The next two books were both disappointing. Norman Kraus’s Jesus Christ Our Lord, presented as “a disciple’s christology,” had two or three excellent chapters, but more that were subpar. I can’t remember if the atonement chapter was one of the better or worse ones. I suppose all any of us can hope for is to say good things about Jesus most of the time, so I don’t want to be too critical. Next I borrowed John Stackhouse’s Finally Feminist from a good friend and while I really liked some of it, in the end the argument he actually put forth didn’t seem very substantial. I didn’t really know what to do with it, from what I can remember.

The next few books were better. William Willimon’s Who Will Be Saved? was classic Willimon, which meant it was fun to read even though Willimon hardly ever actually answers the questions he helps you raise. In the end it was a beautiful, thoroughly humbled, and at times poetic exploration of salvation in Christ. And his answer to the question was something like, “That’s not a question God has asked us to answer.” Or to put it as Willimon would, “Worry about your own damn salvation.” David Bosch’s Believing in the Future might have been the smallest book I read all year, and I confess that part of why I read it is that it would be an easy addition to my list. (This is why I don’t often set specific goals; I’m too sinful not to let them run my life.) It was a good book nonetheless, developing the now standard idea that our task in the present is to embody God’s future; we are a preview or foretaste of the age to come, or as Yoder puts it, “The church is the new world on the way.” Bosch’s bigger book proved to be too much for my 2009, so it’s on my top ten to read in 2010. We’ll see.

Greg Boyd is probably my favorite pastor-theologian-writer, so I read my fourth Boyd book of 2009 next: The Myth of a Christian Religion. It broadens out the basis for his argument in Myth of a Christian Nation, that we are called to embody God’s heavenly kingdom in our earthly present by being, as he puts it, “a giant Jesus” for all to see. This by nature makes us revolutionary, as was Jesus. The Kingdom of God is revolutionary not because revolutions are fun but because the world is the world. He then applies this line to all sorts of contemporary issues: ecology, war and peace, racism, sexual promiscuity, and secularism. It is very readable and I’d encourage anyone to read it.

I followed my fourth Boyd with my third N. T. Wright book of the year: Following Jesus. This is a collection of sermons, and if Wright’s sermons were more widely read then Wright’s critics would be shorn of not a few stupid accusations and wrongheaded critiques. In the first half Wright preaches “book sermons” on Mark, John, Colossians, and Revelation (I think that’s it), all of which are among the best quick looks at those books as a whole that I have come across. I take this to be one of Wright’s greatest skills as a teacher. The second half looks at themes like new creation, resurrection, heaven and hell, etc. Highly recommended with two disclaimers: (1) I have a non-sexual man crush on Wright, about which I am not in the least embarrassed, so I always recommend him, and (2) he is British so he has a writing style that often seems weird to us Americans at first.
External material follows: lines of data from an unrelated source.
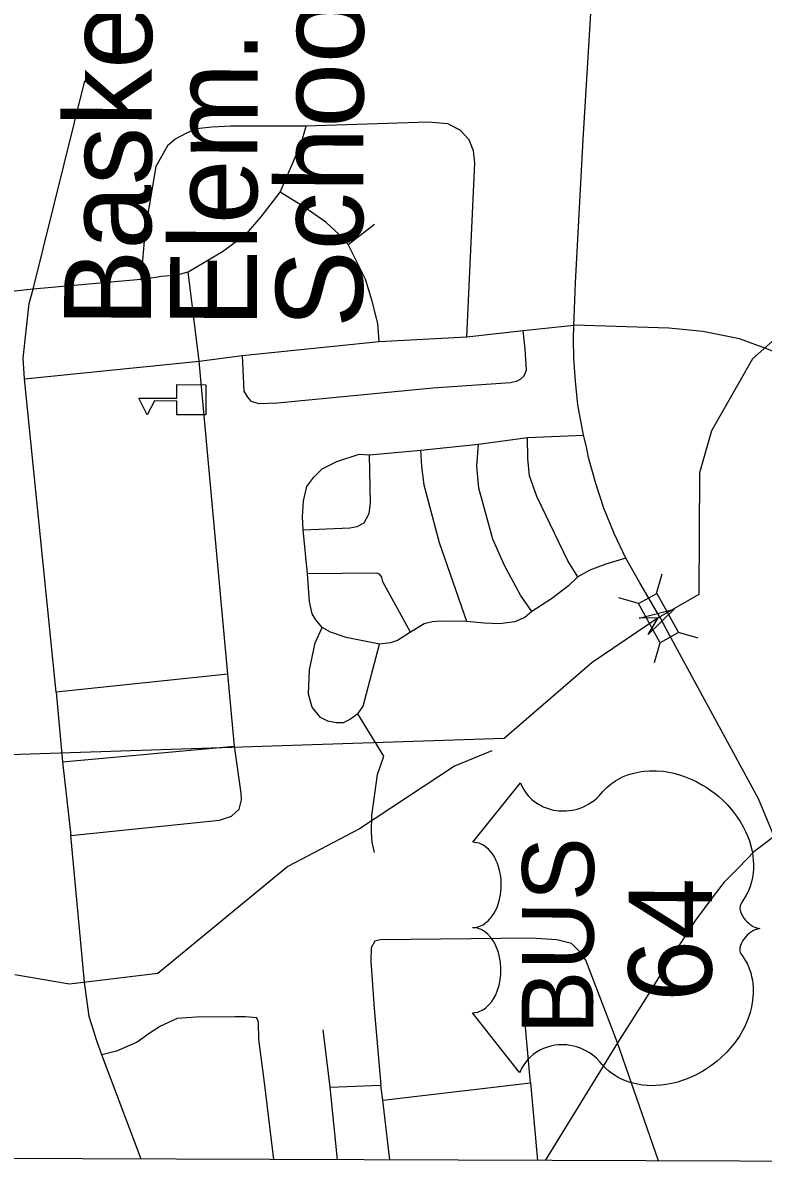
# Model space of a CAD drawing. Extents: x 2364794 to 2387902, y 795230 to 810426.
# Drawn here: x 2366376.7 to 2366649.7, y 800399.4 to 800821.1 of the extents above; entities that cross this region are included whole.
import ezdxf

# ---------------------------------------------------------------- set-up
doc = ezdxf.new("R2010")
doc.units = 0
for name, color, linetype in [('Default', 7, 'Continuous'), ('Plot Label CELL', 7, 'Continuous'), ('Plot Shape CELL', 7, 'Continuous')]:
    doc.layers.add(name, color=color, linetype=linetype)

msp = doc.modelspace()

# ---------------------------------------------------------------- linework, layer by layer
at = {"layer": 'Default'}
for p, q in [((2366610.39, 800610.6), (2366612.48, 800617.85)), ((2366603.79, 800606.95), (2366596.54, 800609.03)), ((2366625.77, 800594.12), (2366618.52, 800596.21)), ((2366609.68, 800585.22), (2366611.76, 800592.47)), ((2366599.77, 800543.72), (2366601.6, 800544.28)), ((2366601.6, 800544.28), (2366602.56, 800544.54)), ((2366602.56, 800544.54), (2366604.72, 800544.94)), ((2366604.72, 800544.94), (2366605.79, 800545.09)), ((2366605.79, 800545.09), (2366607.89, 800545.25)), ((2366607.89, 800545.25), (2366610.43, 800545.25)), ((2366610.43, 800545.25), (2366612.85, 800545.05)), ((2366612.85, 800545.05), (2366615.66, 800544.58)), ((2366615.66, 800544.58), (2366617.35, 800544.2)), ((2366617.35, 800544.2), (2366619.31, 800543.62)), ((2366542.68, 800518.86), (2366560.26, 800540.77)), ((2366560.26, 800540.77), (2366560.46, 800540.25)), ((2366560.46, 800540.25), (2366561.04, 800539.05)), ((2366592.05, 800539.03), (2366593.66, 800540.4)), ((2366593.66, 800540.4), (2366594.41, 800540.95)), ((2366594.41, 800540.95), (2366595.26, 800541.52)), ((2366595.26, 800541.52), (2366596.13, 800542.03)), ((2366596.13, 800542.03), (2366597.06, 800542.55)), ((2366597.06, 800542.55), (2366597.88, 800542.96)), ((2366597.88, 800542.96), (2366599.77, 800543.72)), ((2366619.31, 800543.62), (2366621.01, 800543.05)), ((2366621.01, 800543.05), (2366623.51, 800542.04)), ((2366623.51, 800542.04), (2366625.32, 800541.14)), ((2366625.32, 800541.14), (2366627.45, 800539.98)), ((2366627.45, 800539.98), (2366628.73, 800539.18)), ((2366561.04, 800539.05), (2366561.59, 800538.11)), ((2366561.59, 800538.11), (2366562.65, 800536.59)), ((2366562.65, 800536.59), (2366563.23, 800535.94)), ((2366563.23, 800535.94), (2366563.84, 800535.29)), ((2366588.47, 800535.2), (2366589.41, 800536.11)), ((2366589.41, 800536.11), (2366590.56, 800537.46)), ((2366590.56, 800537.46), (2366591.21, 800538.19)), ((2366591.21, 800538.19), (2366592.05, 800539.03)), ((2366628.73, 800539.18), (2366630.1, 800538.26)), ((2366630.1, 800538.26), (2366631.68, 800537.1)), ((2366631.68, 800537.1), (2366633.37, 800535.74)), ((2366633.37, 800535.74), (2366635.14, 800534.11)), ((2366563.84, 800535.29), (2366564.49, 800534.69)), ((2366564.49, 800534.69), (2366565.1, 800534.16)), ((2366565.1, 800534.16), (2366565.98, 800533.52)), ((2366565.98, 800533.52), (2366566.86, 800532.95)), ((2366566.86, 800532.95), (2366567.83, 800532.39)), ((2366567.83, 800532.39), (2366568.67, 800531.97)), ((2366568.67, 800531.97), (2366570.44, 800531.29)), ((2366570.44, 800531.29), (2366571.55, 800530.97)), ((2366581.11, 800531.14), (2366582.33, 800531.52)), ((2366582.33, 800531.52), (2366583.51, 800532)), ((2366583.51, 800532), (2366585.42, 800533)), ((2366585.42, 800533), (2366587.38, 800534.28)), ((2366587.38, 800534.28), (2366588.47, 800535.2)), ((2366635.14, 800534.11), (2366636.45, 800532.8)), ((2366636.45, 800532.8), (2366637.97, 800531.08)), ((2366571.55, 800530.97), (2366572.5, 800530.75)), ((2366572.5, 800530.75), (2366574.46, 800530.49)), ((2366574.46, 800530.49), (2366575.39, 800530.42)), ((2366575.39, 800530.42), (2366576.31, 800530.42)), ((2366576.31, 800530.42), (2366577.29, 800530.46)), ((2366577.29, 800530.46), (2366578.22, 800530.55)), ((2366578.22, 800530.55), (2366579.2, 800530.72)), ((2366579.2, 800530.72), (2366580.05, 800530.87)), ((2366580.05, 800530.87), (2366581.11, 800531.14)), ((2366637.97, 800531.08), (2366638.83, 800530.04)), ((2366638.83, 800530.04), (2366639.94, 800528.56)), ((2366639.94, 800528.56), (2366641.28, 800526.53)), ((2366641.28, 800526.53), (2366642.43, 800524.53)), ((2366642.43, 800524.53), (2366643.29, 800522.82)), ((2366643.29, 800522.82), (2366643.94, 800521.31)), ((2366543.33, 800518.84), (2366542.68, 800518.86)), ((2366544.1, 800518.73), (2366543.33, 800518.84)), ((2366544.98, 800518.51), (2366544.1, 800518.73)), ((2366643.94, 800521.31), (2366644.67, 800519.37)), ((2366644.67, 800519.37), (2366645.55, 800516.12)), ((2366545.81, 800518.16), (2366544.98, 800518.51)), ((2366546.6, 800517.78), (2366545.81, 800518.16)), ((2366547.37, 800517.24), (2366546.6, 800517.78)), ((2366548.42, 800516.33), (2366547.37, 800517.24)), ((2366549.29, 800515.37), (2366548.42, 800516.33)), ((2366549.94, 800514.56), (2366549.29, 800515.37)), ((2366550.63, 800513.46), (2366549.94, 800514.56)), ((2366645.55, 800516.12), (2366645.8, 800514.94)), ((2366645.8, 800514.94), (2366646, 800513.54)), ((2366551.33, 800512.09), (2366550.63, 800513.46)), ((2366551.79, 800511.04), (2366551.33, 800512.09)), ((2366552.21, 800509.84), (2366551.79, 800511.04)), ((2366646, 800513.54), (2366646.13, 800512.22)), ((2366646.13, 800512.22), (2366646.2, 800510.95)), ((2366646.2, 800510.95), (2366646.19, 800509.24)), ((2366552.56, 800508.52), (2366552.21, 800509.84)), ((2366552.77, 800507.52), (2366552.56, 800508.52)), ((2366552.98, 800506.27), (2366552.77, 800507.52)), ((2366553.1, 800505.14), (2366552.98, 800506.27)), ((2366646.06, 800507.54), (2366645.82, 800505.93)), ((2366646.19, 800509.24), (2366646.06, 800507.54)), ((2366553.05, 800500.68), (2366553.14, 800501.87)), ((2366553.16, 800504.04), (2366553.1, 800505.14)), ((2366553.14, 800501.87), (2366553.17, 800502.85)), ((2366553.17, 800502.85), (2366553.16, 800504.04)), ((2366644.94, 800502.51), (2366644.31, 800500.92)), ((2366645.46, 800504.26), (2366644.94, 800502.51)), ((2366645.82, 800505.93), (2366645.46, 800504.26)), ((2366552.4, 800497.22), (2366552.67, 800498.37)), ((2366552.67, 800498.37), (2366552.87, 800499.51)), ((2366552.87, 800499.51), (2366553.05, 800500.68)), ((2366643.51, 800499.31), (2366641.79, 800496.6)), ((2366644.31, 800500.92), (2366643.51, 800499.31)), ((2366550.47, 800492.62), (2366551.36, 800494.37)), ((2366551.36, 800494.37), (2366551.74, 800495.22)), ((2366551.74, 800495.22), (2366552.06, 800496.1)), ((2366552.06, 800496.1), (2366552.4, 800497.22)), ((2366641.25, 800495.38), (2366641.19, 800494.33)), ((2366641.19, 800494.33), (2366641.4, 800493.34)), ((2366641.37, 800495.82), (2366641.25, 800495.38)), ((2366641.79, 800496.6), (2366641.37, 800495.82)), ((2366641.4, 800493.34), (2366641.8, 800492.33)), ((2366547.25, 800488.99), (2366548.41, 800489.97)), ((2366548.41, 800489.97), (2366548.99, 800490.58)), ((2366548.99, 800490.58), (2366549.44, 800491.13)), ((2366549.44, 800491.13), (2366550.47, 800492.62)), ((2366641.8, 800492.33), (2366642.12, 800491.72)), ((2366642.12, 800491.72), (2366642.65, 800490.9)), ((2366642.65, 800490.9), (2366643.14, 800490.28)), ((2366643.14, 800490.28), (2366643.85, 800489.52)), ((2366643.85, 800489.52), (2366644.45, 800489)), ((2366542.59, 800487.42), (2366543.61, 800487.49)), ((2366543.81, 800487.32), (2366542.59, 800487.42)), ((2366543.61, 800487.49), (2366544.25, 800487.59)), ((2366544.39, 800487.19), (2366543.81, 800487.32)), ((2366544.25, 800487.59), (2366544.87, 800487.76)), ((2366545.71, 800486.72), (2366544.39, 800487.19)), ((2366544.87, 800487.76), (2366545.54, 800488.01)), ((2366545.54, 800488.01), (2366546.47, 800488.48)), ((2366546.34, 800486.38), (2366545.71, 800486.72)), ((2366546.98, 800485.99), (2366546.34, 800486.38)), ((2366546.47, 800488.48), (2366547.25, 800488.99)), ((2366548.14, 800485.06), (2366546.98, 800485.99)), ((2366549.25, 800483.89), (2366548.14, 800485.06)), ((2366644.76, 800485.33), (2366643.87, 800484.57)), ((2366644.45, 800489), (2366644.91, 800488.6)), ((2366645.45, 800485.81), (2366644.76, 800485.33)), ((2366644.91, 800488.6), (2366646.12, 800487.83)), ((2366646.23, 800486.28), (2366645.45, 800485.81)), ((2366646.12, 800487.83), (2366646.69, 800487.56)), ((2366647.14, 800486.68), (2366646.23, 800486.28)), ((2366646.69, 800487.56), (2366647.43, 800487.27)), ((2366648.51, 800487.02), (2366647.14, 800486.68)), ((2366647.43, 800487.27), (2366648.51, 800487.02)), ((2366549.84, 800483.06), (2366549.25, 800483.89)), ((2366550.51, 800482.01), (2366549.84, 800483.06)), ((2366551.21, 800480.69), (2366550.51, 800482.01)), ((2366551.7, 800479.5), (2366551.21, 800480.69)), ((2366641.38, 800480.82), (2366641.18, 800480.03)), ((2366641.63, 800481.47), (2366641.38, 800480.82)), ((2366641.99, 800482.17), (2366641.63, 800481.47)), ((2366642.53, 800483.05), (2366641.99, 800482.17)), ((2366643.21, 800483.88), (2366642.53, 800483.05)), ((2366643.87, 800484.57), (2366643.21, 800483.88)), ((2366552.14, 800478.21), (2366551.7, 800479.5)), ((2366552.43, 800477.06), (2366552.14, 800478.21)), ((2366552.9, 800474.56), (2366552.43, 800477.06)), ((2366641.18, 800480.03), (2366641.13, 800479.38)), ((2366641.13, 800479.38), (2366641.14, 800478.85)), ((2366641.14, 800478.85), (2366641.3, 800478.11)), ((2366641.3, 800478.11), (2366642.02, 800477.12)), ((2366642.02, 800477.12), (2366642.66, 800476.17)), ((2366553.06, 800472.31), (2366552.9, 800474.56)), ((2366553.02, 800470.22), (2366553.06, 800472.31)), ((2366642.66, 800476.17), (2366643.29, 800475.15)), ((2366643.29, 800475.15), (2366643.94, 800473.92)), ((2366643.94, 800473.92), (2366644.35, 800473.03)), ((2366644.35, 800473.03), (2366644.76, 800471.96)), ((2366552.38, 800466.17), (2366552.78, 800468.1)), ((2366552.78, 800468.1), (2366553.02, 800470.22)), ((2366644.76, 800471.96), (2366645.17, 800470.72)), ((2366645.17, 800470.72), (2366645.52, 800469.36)), ((2366645.52, 800469.36), (2366645.79, 800467.98)), ((2366551.11, 800462.58), (2366551.83, 800464.28)), ((2366551.83, 800464.28), (2366552.38, 800466.17)), ((2366645.79, 800467.98), (2366645.98, 800466.75)), ((2366645.98, 800466.75), (2366646.09, 800465.44)), ((2366646.09, 800465.44), (2366646.12, 800464.26)), ((2366646.12, 800464.26), (2366646.11, 800463.03)), ((2366548.64, 800458.9), (2366549.72, 800460.2)), ((2366549.72, 800460.2), (2366550.3, 800461.08)), ((2366550.3, 800461.08), (2366551.11, 800462.58)), ((2366645.89, 800460.54), (2366645.64, 800458.88)), ((2366646.01, 800461.88), (2366645.89, 800460.54)), ((2366646.11, 800463.03), (2366646.01, 800461.88)), ((2366542.53, 800455.97), (2366543.44, 800456.03)), ((2366559.95, 800433.94), (2366542.53, 800455.97)), ((2366543.44, 800456.03), (2366544.52, 800456.24)), ((2366544.52, 800456.24), (2366545.07, 800456.41)), ((2366545.07, 800456.41), (2366546.14, 800456.91)), ((2366546.14, 800456.91), (2366547.4, 800457.74)), ((2366547.4, 800457.74), (2366548.64, 800458.9)), ((2366644.93, 800456.05), (2366644.45, 800454.56)), ((2366645.32, 800457.51), (2366644.93, 800456.05)), ((2366645.64, 800458.88), (2366645.32, 800457.51)), ((2366643.84, 800452.97), (2366642.96, 800450.97)), ((2366644.45, 800454.56), (2366643.84, 800452.97)), ((2366640.98, 800447.4), (2366639.19, 800444.84)), ((2366642.24, 800449.59), (2366640.98, 800447.4)), ((2366642.96, 800450.97), (2366642.24, 800449.59)), ((2366568.73, 800442.82), (2366567.67, 800442.33)), ((2366570.19, 800443.36), (2366568.73, 800442.82)), ((2366571.46, 800443.7), (2366570.19, 800443.36)), ((2366572.92, 800443.98), (2366571.46, 800443.7)), ((2366574.44, 800444.14), (2366572.92, 800443.98)), ((2366575.74, 800444.18), (2366574.44, 800444.14)), ((2366577.31, 800444.11), (2366575.74, 800444.18)), ((2366578.57, 800443.94), (2366577.31, 800444.11)), ((2366579.9, 800443.67), (2366578.57, 800443.94)), ((2366580.94, 800443.41), (2366579.9, 800443.67)), ((2366582.42, 800442.9), (2366580.94, 800443.41)), ((2366583.38, 800442.5), (2366582.42, 800442.9)), ((2366637.61, 800442.9), (2366636.32, 800441.49)), ((2366639.19, 800444.84), (2366637.61, 800442.9)), ((2366562.81, 800438.62), (2366562.08, 800437.69)), ((2366563.79, 800439.59), (2366562.81, 800438.62)), ((2366564.88, 800440.56), (2366563.79, 800439.59)), ((2366566.22, 800441.49), (2366564.88, 800440.56)), ((2366567.67, 800442.33), (2366566.22, 800441.49)), ((2366584.66, 800441.82), (2366583.38, 800442.5)), ((2366585.53, 800441.32), (2366584.66, 800441.82)), ((2366586.5, 800440.68), (2366585.53, 800441.32)), ((2366587.55, 800439.87), (2366586.5, 800440.68)), ((2366588.3, 800439.21), (2366587.55, 800439.87)), ((2366589.54, 800437.93), (2366588.3, 800439.21)), ((2366634.18, 800439.4), (2366632.79, 800438.18)), ((2366636.32, 800441.49), (2366634.18, 800439.4)), ((2366560.23, 800434.62), (2366559.95, 800433.94)), ((2366560.76, 800435.69), (2366560.23, 800434.62)), ((2366561.44, 800436.81), (2366560.76, 800435.69)), ((2366562.08, 800437.69), (2366561.44, 800436.81)), ((2366590.41, 800436.86), (2366589.54, 800437.93)), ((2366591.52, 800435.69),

After reading Confession of Faith in A Mennonite Perspective next, I remember thinking to myself (and saying to my friend Drew), “This is pretty nearly exactly what I believe, and I never could have said it that clearly myself.” It’s not an exciting book, but if you like meditating on truth, have at it. Though not quite as substantial or meaningful, my next book was, I have to admit, a bit more “interesting” – The Tipping Point by Malcolm Gladwell, long-time New Yorker columnist. The book came out when I was in college and I dabbled, but I never actually read it. The Tipping Point is about how social change takes place, and in particular what stands out is his analysis of the three main kinds of people who tend to be at the center of such changes. I’ve tried to convince myself I’m one of the three, but I’m not.